Extracted information Block Start

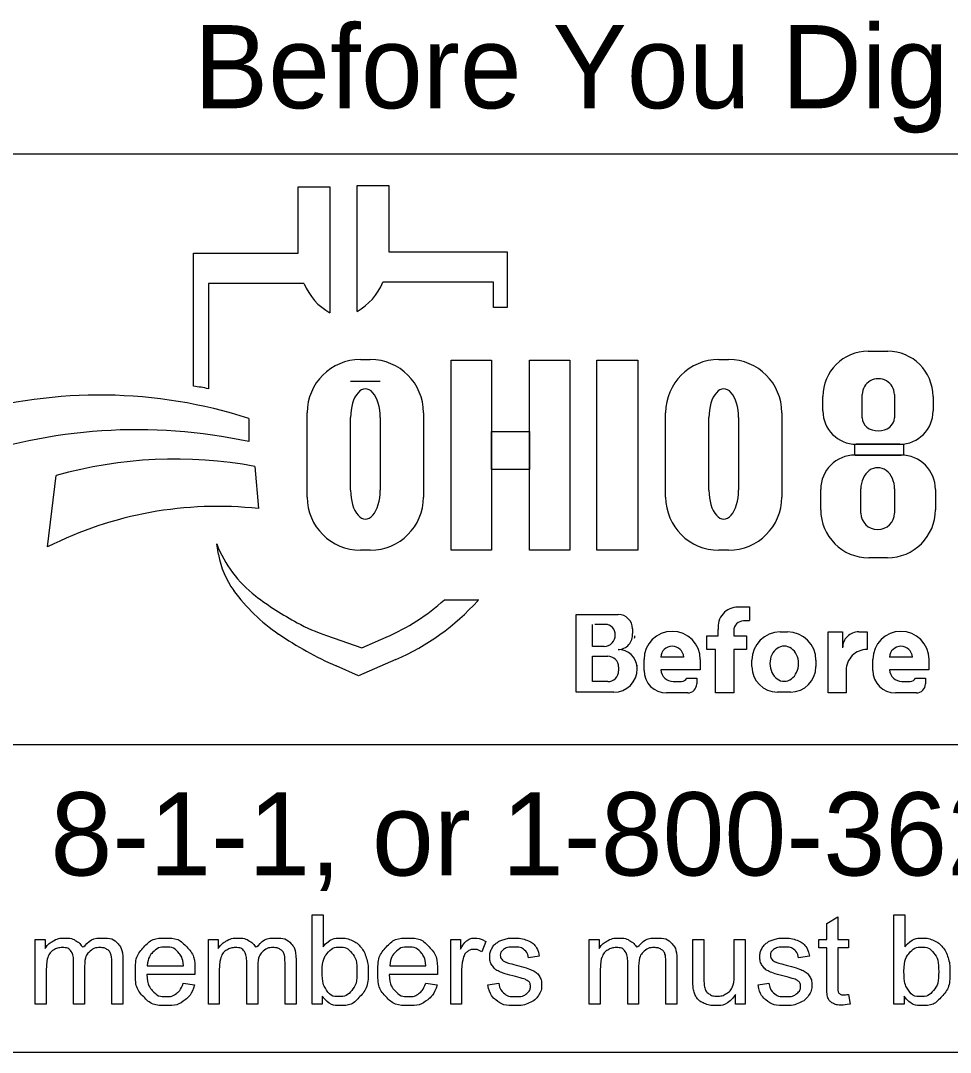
# Model space of a CAD drawing. Extents: x 0 to 34, y 0 to 22.
# Drawn here: x 3.267 to 4.831, y 2.143 to 3.88 of the extents above; entities that cross this region are included whole.
import ezdxf

# ---------------------------------------------------------------- set-up
doc = ezdxf.new("R2010")
doc.units = 0
doc.layers.add('SH_Data', color=7, linetype='Continuous')
doc.layers.add('SH_Text', color=7, linetype='Continuous')

msp = doc.modelspace()

# ---------------------------------------------------------------- linework, layer by layer
at = {"layer": 'SH_Data'}
for p, q in [((2.3775, 3.6553), (6.6275, 3.6553)), ((6.6275, 2.6607), (2.3775, 2.6607)), ((6.6275, 2.1428), (2.3775, 2.1428))]:
    msp.add_line(p, q, dxfattribs=at)
at = {"layer": 'SH_Text'}
for p, q in [((3.7335, 3.4883), (3.7335, 3.5998)), ((3.7335, 3.5998), (3.7872, 3.5998)), ((3.7872, 3.5998), (3.7872, 3.3877)), ((3.8329, 3.39), (3.8329, 3.6021)), ((3.8329, 3.6021), (3.8865, 3.6021)), ((3.8865, 3.6021), (3.8865, 3.4906)), ((3.5576, 3.2644), (3.5576, 3.4883)), ((3.5576, 3.4883), (3.7335, 3.4883)), ((3.8865, 3.4906), (4.0857, 3.4906)), ((4.0857, 3.4906), (4.0857, 3.3968)), ((4.0625, 3.4392), (3.8761, 3.4392)), ((4.0625, 3.3968), (4.0625, 3.4392)), ((3.5828, 3.4369), (3.5828, 3.26)), ((3.7439, 3.4369), (3.5828, 3.4369)), ((4.0857, 3.3968), (4.0625, 3.3968)), ((4.6931, 3.3231), (4.7258, 3.3231)), ((3.8385, 3.3091), (3.8551, 3.3091)), ((4.4416, 3.3091), (4.4581, 3.3091)), ((3.8718, 3.2721), (3.822, 3.2721)), ((4.683, 3.2111), (4.683, 3.2504)), ((4.7371, 3.2504), (4.7371, 3.2111)), ((4.6168, 3.2225), (4.6168, 3.2468)), ((4.8022, 3.2468), (4.8022, 3.2225)), ((3.7491, 3.0776), (3.7491, 3.2196)), ((3.9445, 3.2196), (3.9445, 3.0776)), ((4.3521, 3.0776), (4.3521, 3.2196)), ((4.5476, 3.2196), (4.5476, 3.0776)), ((3.6509, 3.2097), (3.6509, 3.1709)), ((3.822, 3.089), (3.822, 3.2114)), ((3.8718, 3.2114), (3.8718, 3.089)), ((4.425, 3.089), (4.425, 3.2114)), ((4.4748, 3.2114), (4.4748, 3.089)), ((4.7462, 3.1665), (4.6728, 3.1665)), ((4.671, 3.1482), (4.7483, 3.1482)), ((3.6608, 3.1291), (3.6671, 3.0582)), ((3.312, 2.9936), (3.3267, 3.1137)), ((4.6131, 3.0563), (4.6131, 3.0903)), ((4.6806, 3.0503), (4.6806, 3.0912)), ((4.7374, 3.0912), (4.7374, 3.0503)), ((4.8062, 3.0903), (4.8062, 3.0563)), ((3.5997, 2.9807), (3.5967, 2.9986)), ((3.8551, 2.9882), (3.8385, 2.9882)), ((4.4581, 2.9882), (4.4416, 2.9882)), ((4.7252, 2.9753), (4.6941, 2.9753)), ((3.98, 2.9048), (4.0375, 2.9048)), ((4.4739, 2.8926), (4.4934, 2.8926)), ((4.4934, 2.8926), (4.4934, 2.8696)), ((4.2013, 2.749), (4.2013, 2.8798)), ((4.2013, 2.8798), (4.2725, 2.8798)), ((4.4934, 2.8691), (4.4832, 2.8691)), ((4.2293, 2.8263), (4.2293, 2.8632)), ((4.2545, 2.8632), (4.2332, 2.8632)), ((4.2963, 2.856), (4.2963, 2.8481)), ((4.4406, 2.8442), (4.4406, 2.8546)), ((4.4667, 2.8526), (4.4667, 2.8442)), ((4.5451, 2.8508), (4.5573, 2.8508)), ((4.6254, 2.7478), (4.6254, 2.8505)), ((4.6254, 2.8505), (4.6499, 2.8505)), ((4.6499, 2.8505), (4.6499, 2.8237)), ((4.6772, 2.8505), (4.691, 2.8505)), ((4.691, 2.8505), (4.691, 2.8209)), ((3.7816, 2.8444), (3.841, 2.8239)), ((3.841, 2.8239), (3.8821, 2.8417)), ((4.4213, 2.8212), (4.4213, 2.8442)), ((4.4213, 2.8442), (4.4406, 2.8442)), ((4.4667, 2.8442), (4.4883, 2.8442)), ((4.4883, 2.8442), (4.4883, 2.8212)), ((4.2487, 2.8263), (4.2293, 2.8263)), ((4.4362, 2.8212), (4.4213, 2.8212)), ((4.4362, 2.7478), (4.4362, 2.8212)), ((4.4883, 2.8212), (4.4667, 2.8212)), ((4.4667, 2.8212), (4.4667, 2.7478)), ((3.8983, 2.8044), (3.835, 2.7769)), ((4.2293, 2.7669), (4.2293, 2.8097)), ((4.2293, 2.8097), (4.2548, 2.8097)), ((4.3159, 2.7858), (4.3159, 2.8042)), ((4.3824, 2.8082), (4.3439, 2.8082)), ((4.4104, 2.8042), (4.4104, 2.7866)), ((4.4973, 2.7922), (4.4973, 2.8029)), ((4.6051, 2.8029), (4.6051, 2.7922)), ((4.7008, 2.7858), (4.7008, 2.8042)), ((4.7674, 2.8082), (4.7288, 2.8082)), ((4.7953, 2.8042), (4.7953, 2.7866)), ((3.835, 2.7769), (3.7976, 2.7934)), ((4.2729, 2.7916), (4.2729, 2.7853)), ((4.3043, 2.7887), (4.3043, 2.7884)), ((4.4104, 2.7866), (4.344, 2.7866)), ((4.6559, 2.786), (4.6559, 2.7478)), ((4.7953, 2.7866), (4.7289, 2.7866)), ((4.2546, 2.7669), (4.2293, 2.7669)), ((4.3649, 2.7673), (4.379, 2.7673)), ((4.3876, 2.7729), (4.4045, 2.7729)), ((4.4045, 2.7729), (4.4045, 2.7631)), ((4.7498, 2.7673), (4.7639, 2.7673)), ((4.7725, 2.7729), (4.7894, 2.7729)), ((4.7894, 2.7729), (4.7894, 2.7631)), ((4.265, 2.749), (4.2013, 2.749)), ((4.3892, 2.7478), (4.3538, 2.7478)), ((4.4667, 2.7478), (4.4362, 2.7478)), ((4.5623, 2.7494), (4.5401, 2.7494)), ((4.6559, 2.7478), (4.6254, 2.7478)), ((4.7742, 2.7478), (4.7388, 2.7478))]:
    msp.add_line(p, q, dxfattribs=at)
for points in [[(3.991, 3.3081), (4.0589, 3.3081), (4.0589, 2.9881), (3.991, 2.9881)], [(4.1231, 3.3081), (4.1911, 3.3081), (4.1911, 2.9881), (4.1231, 2.9881)], [(4.2364, 3.3081), (4.3052, 3.3081), (4.3052, 2.9881), (4.2364, 2.9881)], [(4.0589, 3.1882), (4.1231, 3.1882), (4.1231, 3.1242), (4.0589, 3.1242)], [(4.6706, 3.1665), (4.7523, 3.1665), (4.7523, 3.1481), (4.6706, 3.1481)]]:
    msp.add_lwpolyline(points, close=True, dxfattribs=at)
for points in [[(3.7743, 2.2239), (3.7573, 2.2239), (3.7573, 2.3741), (3.7757, 2.3741), (3.7757, 2.3206)], [(4.6233, 2.2558), (4.6233, 2.3185), (4.6097, 2.3185), (4.6097, 2.3328), (4.6233, 2.3328), (4.6233, 2.3597), (4.6417, 2.3708), (4.6417, 2.3328), (4.6601, 2.3328), (4.6601, 2.3185), (4.6417, 2.3185), (4.6417, 2.2547)], [(4.7534, 2.2239), (4.7363, 2.2239), (4.7363, 2.3741), (4.7548, 2.3741), (4.7548, 2.3206)], [(3.2912, 2.2239), (3.2912, 2.3328), (3.3077, 2.3328), (3.3077, 2.3174)], [(3.5826, 2.2239), (3.5826, 2.3328), (3.5991, 2.3328), (3.5991, 2.3174)], [(3.9904, 2.2239), (3.9904, 2.3328), (4.007, 2.3328), (4.007, 2.3163)], [(4.0495, 2.3293), (4.043, 2.3122)], [(4.2236, 2.2239), (4.2236, 2.3328), (4.2401, 2.3328), (4.2401, 2.3174)], [(4.3979, 2.2654), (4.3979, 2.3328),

Extracted information Block End

Task description:
Your response should contain each line of the listing in which the word "linetype" occurs.

Solution to the exercise:
doc.layers.add('SH_Data', color=7, linetype='Continuous')
doc.layers.add('SH_Text', color=7, linetype='Continuous')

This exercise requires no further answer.